For testing our custom RL environment, we will implement a very simple Random Agent algorithm like so:

In [104]:
# Create an instance of the environment
env = AutonomousDrivingEnv()

# Define and set up the RandomAgent
class RandomAgent:
    def __init__(self, action_space):
        self.action_space = action_space

    def act(self, _):
        return self.action_space.sample()

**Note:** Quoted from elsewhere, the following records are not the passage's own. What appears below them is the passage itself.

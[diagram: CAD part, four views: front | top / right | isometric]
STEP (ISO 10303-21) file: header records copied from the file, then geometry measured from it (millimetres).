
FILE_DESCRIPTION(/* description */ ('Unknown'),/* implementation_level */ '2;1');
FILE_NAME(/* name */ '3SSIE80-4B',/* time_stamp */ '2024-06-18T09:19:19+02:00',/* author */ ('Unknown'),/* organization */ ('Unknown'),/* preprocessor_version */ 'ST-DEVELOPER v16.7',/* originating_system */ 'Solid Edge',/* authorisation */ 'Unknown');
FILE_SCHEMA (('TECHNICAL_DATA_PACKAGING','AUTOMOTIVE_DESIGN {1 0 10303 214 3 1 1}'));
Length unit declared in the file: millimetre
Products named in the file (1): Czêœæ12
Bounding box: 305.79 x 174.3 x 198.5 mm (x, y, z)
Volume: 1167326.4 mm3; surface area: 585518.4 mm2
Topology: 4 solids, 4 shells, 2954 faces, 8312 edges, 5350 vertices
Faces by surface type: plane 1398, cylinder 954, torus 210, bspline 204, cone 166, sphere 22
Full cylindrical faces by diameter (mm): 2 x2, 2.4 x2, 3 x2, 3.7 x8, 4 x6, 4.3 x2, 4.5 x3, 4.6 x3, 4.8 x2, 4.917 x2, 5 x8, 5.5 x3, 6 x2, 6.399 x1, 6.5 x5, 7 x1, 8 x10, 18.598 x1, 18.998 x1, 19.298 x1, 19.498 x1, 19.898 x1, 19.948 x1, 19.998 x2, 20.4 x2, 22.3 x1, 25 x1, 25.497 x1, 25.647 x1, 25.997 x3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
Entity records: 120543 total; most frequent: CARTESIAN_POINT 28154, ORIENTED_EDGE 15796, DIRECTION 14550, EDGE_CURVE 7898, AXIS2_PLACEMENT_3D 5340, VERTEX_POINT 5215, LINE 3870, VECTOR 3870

# Initialize the RandomAgent with the environment's action space
agent = RandomAgent(env.action_space)

# Example usage of the environment
obs = env.reset()
for timestep in range(1000):  # Limit the number of timesteps for demonstration
    action = env.action_space.sample()  # Random action for testing
    obs, reward, done, _ = env.step(action)
    
    # Print the information for each time step
    print(f"Time step: {timestep + 1}")
    print(f"State: {obs}")
    print(f"Action taken: {action}")
    print(f"Reward received: {reward}")
    print(f"Episode done: {done}")
    
    if done:
        print("Episode done!")
        break

# Close the environment when done
env.close()

Time step: 1
State: {'vehicle_position': 1.0, 'vehicle_speed': 1.0, 'obstacle_position': -1, 'target_position': 1000.0, 'current_lane': 2, 'obstacle_lane': -1}
Action taken: 2
Reward received: -1
Episode done: False
Time step: 2
State: {'vehicle_position': 2.0, 'vehicle_speed': 1.0, 'obstacle_position': -1, 'target_position': 1000.0, 'current_lane': 1, 'obstacle_lane': -1}
Action taken: 1
Reward received: -1
Episode done: False
Time step: 3
State: {'vehicle_position': 3.0, 'vehicle_speed': 1.0, 'obstacle_position': -1, 'target_position': 1000.0, 'current_lane': 1, 'obstacle_lane': -1}
Action taken: 0
Reward received: -1
Episode done: False
Time step: 4
State: {'vehicle_position': 4.0, 'vehicle_speed': 1.0, 'obstacle_position': 291, 'target_position': 1000.0, 'current_lane': 0, 'obstacle_lane': 1}
Action taken: 1
Reward received: -1
Episode done: False
Time step: 5
State: {'vehicle_position': 5.0, 'vehicle_speed': 1.0, 'obstacle_position': 291, 'target_position': 1000.0, 'current_lane':

For each time step, we can see the state observations, the agent action taken, the rewards received and the status of the episode. With each time step taken, the vehicle is being penalized with a -1 reward. This reward encourages the agent to increase the vehicle speed to reach the target as fast as possible. At the 5th time step, however, we can see the vehicle was penalized heavily with a -100 for being in the same lane as an upcoming obstacle (obstacle lane == vehicle lane && obstacle position > vehicle position). As a response, the agent will move the vehicle into a different lane to avoid the obstacle. This process repeats, until the 128th time step, where it seems our vehicle reaches the target position and is rewarded greatly, completing the episode. The agent is successfully undergoing reinforcement learning in our autonomous driving environment!